Seit vielen Jahren testen wir mittlerweile Hardware für euch, auch wenn es in letzter Zeit etwas weniger geworden ist. Das hat auch gute Gründe, denn Hardware-Tests sind unglaublich anstrengend und erfordern tagelange Konzentration des Redakteurs, der immer und immer wieder dieselben Handgriffe macht, um die Benchmark-Werte zu ermitteln, in Excel-Tabellen aufzunehmen, zu analysieren, bei Bedarf erneut zu testen und in abschließend in eine Benchmark-Engine zur Veröffentlichung einzutragen. Dieser Prozess muss bei einem Test hunderte Male wiederholt werden, bis sich das Puzzle in kleinen Stück zu einem Gesamtbild zusammensetzt. Alles in allem ein zermürbender, zeitfressender und undankbarer Prozess, der sich über eine Woche oder länger ziehen kann - speziell wenn die Testdatenbank neu aufgebaut werden muss, weil die Daten zu alt sind oder ein neues Betriebssystem ins Spiel kommt.

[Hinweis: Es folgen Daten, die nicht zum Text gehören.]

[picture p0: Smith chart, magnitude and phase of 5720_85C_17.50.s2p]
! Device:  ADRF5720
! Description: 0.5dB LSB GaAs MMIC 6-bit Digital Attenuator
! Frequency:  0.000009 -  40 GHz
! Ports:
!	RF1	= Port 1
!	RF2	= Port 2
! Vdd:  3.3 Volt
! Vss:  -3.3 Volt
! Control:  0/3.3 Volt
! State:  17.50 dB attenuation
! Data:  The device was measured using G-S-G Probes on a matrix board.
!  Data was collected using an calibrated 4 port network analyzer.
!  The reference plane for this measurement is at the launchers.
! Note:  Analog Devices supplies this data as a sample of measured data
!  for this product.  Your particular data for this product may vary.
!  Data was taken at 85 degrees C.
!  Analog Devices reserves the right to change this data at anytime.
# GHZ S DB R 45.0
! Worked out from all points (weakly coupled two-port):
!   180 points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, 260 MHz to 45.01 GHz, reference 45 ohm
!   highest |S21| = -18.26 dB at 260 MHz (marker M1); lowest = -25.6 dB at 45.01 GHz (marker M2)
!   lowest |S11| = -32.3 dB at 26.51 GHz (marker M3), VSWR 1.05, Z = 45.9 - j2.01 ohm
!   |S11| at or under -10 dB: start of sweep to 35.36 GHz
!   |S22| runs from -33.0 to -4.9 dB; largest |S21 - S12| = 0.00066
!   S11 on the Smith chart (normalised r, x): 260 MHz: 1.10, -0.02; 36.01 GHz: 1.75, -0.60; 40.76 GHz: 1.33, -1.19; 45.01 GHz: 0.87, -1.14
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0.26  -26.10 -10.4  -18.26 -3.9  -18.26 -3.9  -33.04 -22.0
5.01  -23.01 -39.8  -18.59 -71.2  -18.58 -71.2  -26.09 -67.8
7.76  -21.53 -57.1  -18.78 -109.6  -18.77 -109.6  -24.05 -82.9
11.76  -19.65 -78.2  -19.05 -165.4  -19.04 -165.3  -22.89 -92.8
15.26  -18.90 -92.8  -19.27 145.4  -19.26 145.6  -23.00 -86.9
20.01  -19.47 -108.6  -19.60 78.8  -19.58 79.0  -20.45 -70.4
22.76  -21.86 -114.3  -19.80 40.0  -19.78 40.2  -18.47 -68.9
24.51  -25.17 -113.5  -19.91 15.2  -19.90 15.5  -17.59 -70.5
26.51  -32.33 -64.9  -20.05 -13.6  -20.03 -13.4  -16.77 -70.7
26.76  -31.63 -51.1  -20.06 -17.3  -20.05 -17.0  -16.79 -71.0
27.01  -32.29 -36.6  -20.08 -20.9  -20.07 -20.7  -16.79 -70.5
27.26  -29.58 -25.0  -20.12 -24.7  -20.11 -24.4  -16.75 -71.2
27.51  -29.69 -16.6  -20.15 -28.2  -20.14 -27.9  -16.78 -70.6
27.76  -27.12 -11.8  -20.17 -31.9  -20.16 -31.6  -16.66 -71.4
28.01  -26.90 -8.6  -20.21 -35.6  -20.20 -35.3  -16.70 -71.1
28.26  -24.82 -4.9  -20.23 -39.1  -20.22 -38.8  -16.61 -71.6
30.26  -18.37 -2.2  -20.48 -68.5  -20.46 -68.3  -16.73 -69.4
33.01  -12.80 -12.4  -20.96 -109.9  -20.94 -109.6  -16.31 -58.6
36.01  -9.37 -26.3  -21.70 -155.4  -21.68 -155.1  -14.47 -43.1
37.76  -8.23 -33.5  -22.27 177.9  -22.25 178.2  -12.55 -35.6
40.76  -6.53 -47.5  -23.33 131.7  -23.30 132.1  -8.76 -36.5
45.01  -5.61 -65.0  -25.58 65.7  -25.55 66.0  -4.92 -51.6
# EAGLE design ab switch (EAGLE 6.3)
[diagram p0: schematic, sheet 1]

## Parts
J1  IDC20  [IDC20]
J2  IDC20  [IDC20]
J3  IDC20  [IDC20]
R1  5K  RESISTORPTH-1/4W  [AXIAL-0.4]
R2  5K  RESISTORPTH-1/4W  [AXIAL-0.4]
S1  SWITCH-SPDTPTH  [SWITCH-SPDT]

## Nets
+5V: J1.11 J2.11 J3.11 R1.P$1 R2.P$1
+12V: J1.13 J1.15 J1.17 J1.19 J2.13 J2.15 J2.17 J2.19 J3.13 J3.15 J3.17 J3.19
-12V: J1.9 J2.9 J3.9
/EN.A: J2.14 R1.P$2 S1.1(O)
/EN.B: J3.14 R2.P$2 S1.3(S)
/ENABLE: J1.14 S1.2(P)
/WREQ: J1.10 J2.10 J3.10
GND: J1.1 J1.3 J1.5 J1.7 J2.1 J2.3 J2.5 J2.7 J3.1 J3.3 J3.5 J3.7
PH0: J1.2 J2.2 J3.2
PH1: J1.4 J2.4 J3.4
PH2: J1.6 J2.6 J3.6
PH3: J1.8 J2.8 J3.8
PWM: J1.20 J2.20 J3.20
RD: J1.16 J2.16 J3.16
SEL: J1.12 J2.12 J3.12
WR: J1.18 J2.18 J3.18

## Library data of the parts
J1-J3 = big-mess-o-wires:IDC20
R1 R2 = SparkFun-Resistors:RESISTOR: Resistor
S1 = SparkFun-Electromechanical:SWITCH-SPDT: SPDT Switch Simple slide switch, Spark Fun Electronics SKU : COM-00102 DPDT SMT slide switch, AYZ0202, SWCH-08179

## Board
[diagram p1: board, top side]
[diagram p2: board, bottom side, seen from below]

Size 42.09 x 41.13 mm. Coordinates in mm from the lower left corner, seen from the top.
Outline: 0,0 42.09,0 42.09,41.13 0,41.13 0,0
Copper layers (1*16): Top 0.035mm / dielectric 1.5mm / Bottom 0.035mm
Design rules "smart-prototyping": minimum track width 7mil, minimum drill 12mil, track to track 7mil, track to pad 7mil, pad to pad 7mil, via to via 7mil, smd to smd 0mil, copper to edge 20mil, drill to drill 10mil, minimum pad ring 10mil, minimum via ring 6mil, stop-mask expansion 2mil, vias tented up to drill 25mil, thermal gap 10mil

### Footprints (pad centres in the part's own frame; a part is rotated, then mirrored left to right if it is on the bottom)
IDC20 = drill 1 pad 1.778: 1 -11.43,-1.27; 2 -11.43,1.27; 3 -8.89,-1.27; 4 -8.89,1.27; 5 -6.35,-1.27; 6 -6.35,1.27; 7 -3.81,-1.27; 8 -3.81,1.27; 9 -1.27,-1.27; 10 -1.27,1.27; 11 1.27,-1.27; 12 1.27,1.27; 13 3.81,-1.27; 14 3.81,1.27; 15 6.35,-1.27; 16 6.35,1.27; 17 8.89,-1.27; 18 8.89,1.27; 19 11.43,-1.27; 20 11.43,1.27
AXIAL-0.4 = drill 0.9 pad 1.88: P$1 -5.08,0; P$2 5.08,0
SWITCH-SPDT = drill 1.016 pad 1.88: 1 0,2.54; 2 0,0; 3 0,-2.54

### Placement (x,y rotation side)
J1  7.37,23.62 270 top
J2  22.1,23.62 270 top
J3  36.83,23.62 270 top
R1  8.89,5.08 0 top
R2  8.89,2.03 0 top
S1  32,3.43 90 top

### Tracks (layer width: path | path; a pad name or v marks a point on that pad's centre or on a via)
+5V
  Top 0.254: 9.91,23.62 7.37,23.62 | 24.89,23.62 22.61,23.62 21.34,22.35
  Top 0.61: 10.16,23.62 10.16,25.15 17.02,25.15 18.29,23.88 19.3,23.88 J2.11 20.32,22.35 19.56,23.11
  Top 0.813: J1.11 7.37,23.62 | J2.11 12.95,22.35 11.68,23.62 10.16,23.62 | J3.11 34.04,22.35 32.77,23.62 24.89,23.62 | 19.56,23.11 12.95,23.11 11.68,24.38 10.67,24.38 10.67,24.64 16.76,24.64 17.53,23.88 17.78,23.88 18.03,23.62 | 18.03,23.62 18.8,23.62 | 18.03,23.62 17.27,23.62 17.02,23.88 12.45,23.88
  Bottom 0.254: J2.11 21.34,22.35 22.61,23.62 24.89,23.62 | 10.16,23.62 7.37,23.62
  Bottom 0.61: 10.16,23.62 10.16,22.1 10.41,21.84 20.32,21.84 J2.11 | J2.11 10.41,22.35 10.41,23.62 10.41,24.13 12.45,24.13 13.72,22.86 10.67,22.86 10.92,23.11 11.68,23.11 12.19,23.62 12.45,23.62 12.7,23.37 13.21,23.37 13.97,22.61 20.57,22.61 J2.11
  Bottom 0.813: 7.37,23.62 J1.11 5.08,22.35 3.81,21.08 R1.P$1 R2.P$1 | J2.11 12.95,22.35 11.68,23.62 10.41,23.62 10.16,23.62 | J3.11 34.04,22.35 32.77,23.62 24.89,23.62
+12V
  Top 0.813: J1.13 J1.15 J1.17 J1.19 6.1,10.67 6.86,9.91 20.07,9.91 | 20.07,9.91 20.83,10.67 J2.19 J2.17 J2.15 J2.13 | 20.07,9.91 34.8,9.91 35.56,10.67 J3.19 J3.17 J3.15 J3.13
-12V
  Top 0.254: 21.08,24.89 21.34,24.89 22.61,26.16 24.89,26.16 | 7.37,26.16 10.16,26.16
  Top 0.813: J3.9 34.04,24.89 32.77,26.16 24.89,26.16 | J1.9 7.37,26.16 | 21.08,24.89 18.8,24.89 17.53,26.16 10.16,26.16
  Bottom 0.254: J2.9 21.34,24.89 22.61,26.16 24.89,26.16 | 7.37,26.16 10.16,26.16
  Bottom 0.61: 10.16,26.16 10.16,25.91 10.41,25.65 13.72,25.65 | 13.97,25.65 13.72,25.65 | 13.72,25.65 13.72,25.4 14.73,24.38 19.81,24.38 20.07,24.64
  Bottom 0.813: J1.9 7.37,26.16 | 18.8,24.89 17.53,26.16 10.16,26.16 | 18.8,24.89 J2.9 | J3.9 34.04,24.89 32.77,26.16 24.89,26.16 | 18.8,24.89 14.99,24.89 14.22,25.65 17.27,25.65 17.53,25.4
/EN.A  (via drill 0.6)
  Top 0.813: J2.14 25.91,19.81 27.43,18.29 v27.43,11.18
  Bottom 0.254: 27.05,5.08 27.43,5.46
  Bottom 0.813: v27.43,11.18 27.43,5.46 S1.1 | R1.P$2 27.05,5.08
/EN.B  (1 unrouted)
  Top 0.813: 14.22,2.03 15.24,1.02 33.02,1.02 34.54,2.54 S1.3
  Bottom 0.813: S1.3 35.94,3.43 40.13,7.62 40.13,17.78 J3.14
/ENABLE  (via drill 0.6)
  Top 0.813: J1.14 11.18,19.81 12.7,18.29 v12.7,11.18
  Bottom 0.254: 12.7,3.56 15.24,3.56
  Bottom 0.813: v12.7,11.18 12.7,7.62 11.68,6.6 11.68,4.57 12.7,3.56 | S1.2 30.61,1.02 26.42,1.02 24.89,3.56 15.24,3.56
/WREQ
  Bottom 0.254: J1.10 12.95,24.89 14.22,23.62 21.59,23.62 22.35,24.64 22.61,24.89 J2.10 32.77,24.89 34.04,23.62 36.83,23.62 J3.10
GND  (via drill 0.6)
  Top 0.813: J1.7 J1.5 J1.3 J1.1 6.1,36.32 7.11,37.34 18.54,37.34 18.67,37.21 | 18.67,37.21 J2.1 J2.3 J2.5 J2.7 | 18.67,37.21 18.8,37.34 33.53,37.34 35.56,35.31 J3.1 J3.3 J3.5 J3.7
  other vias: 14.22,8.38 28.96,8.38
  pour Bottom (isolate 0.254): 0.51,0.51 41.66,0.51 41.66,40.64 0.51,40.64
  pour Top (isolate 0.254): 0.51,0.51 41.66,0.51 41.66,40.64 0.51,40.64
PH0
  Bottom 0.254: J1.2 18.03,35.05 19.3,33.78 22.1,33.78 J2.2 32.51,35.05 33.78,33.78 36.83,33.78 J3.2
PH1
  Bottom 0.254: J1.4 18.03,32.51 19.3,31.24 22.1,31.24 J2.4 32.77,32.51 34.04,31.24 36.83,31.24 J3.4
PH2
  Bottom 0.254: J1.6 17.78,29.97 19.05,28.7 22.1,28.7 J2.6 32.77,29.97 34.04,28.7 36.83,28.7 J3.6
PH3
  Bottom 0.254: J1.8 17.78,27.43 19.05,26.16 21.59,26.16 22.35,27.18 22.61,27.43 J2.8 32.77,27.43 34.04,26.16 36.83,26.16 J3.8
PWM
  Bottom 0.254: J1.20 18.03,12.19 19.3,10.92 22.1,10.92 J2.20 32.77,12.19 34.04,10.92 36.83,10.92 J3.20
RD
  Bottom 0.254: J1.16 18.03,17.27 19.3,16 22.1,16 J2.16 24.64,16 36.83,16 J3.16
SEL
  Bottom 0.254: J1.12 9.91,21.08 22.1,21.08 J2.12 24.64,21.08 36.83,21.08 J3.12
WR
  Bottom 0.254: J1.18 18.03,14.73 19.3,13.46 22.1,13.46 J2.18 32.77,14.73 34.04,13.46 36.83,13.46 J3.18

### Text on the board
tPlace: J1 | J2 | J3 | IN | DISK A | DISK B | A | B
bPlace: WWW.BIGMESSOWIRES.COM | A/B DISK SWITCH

Genau in dieser Situation waren wir auch mit Ryzen wieder: Unsere letzten CPU-Benchmarks sind eine halbe Ewigkeit her und basieren auf Windows 7, das von neuen Prozessorarchitekturen wie Kaby Lake nicht mehr offiziell unterstützt wird und insgesamt nicht mehr repräsentativ für derartige Test ist. Das hieß für uns wohl oder übel, dass wir den ganzen Benchmark-Parcours neu aufstellen und alle CPUs aus unserem Testkabinett erneut durchtesten müssen. Und selbst wenn wir uns dafür zwei oder mehr Wochen Zeit nehmen - soviel Zeit ist so gut wie nie vorhanden, auch wenn man die CPU pünktlich vor dem Launch bekommt -, an die Qualität und Menge an Daten die ein ComputerBase rechtzeitig veröffentlicht, kommen wir trotzdem nicht heran. Deshalb haben wir uns dafür entschieden, dieses Mal in den sauersten aller Äpfel zu beißen und deutlich mehr Zeit und Anstrengungen aufzuwenden, um Hardware-Reviews ein für alle Mal auf eine langfristig sinnvolle und in der Durchführung effiziente Lösung umzustellen. Diese Lösung heißt ab sofort: Rebench.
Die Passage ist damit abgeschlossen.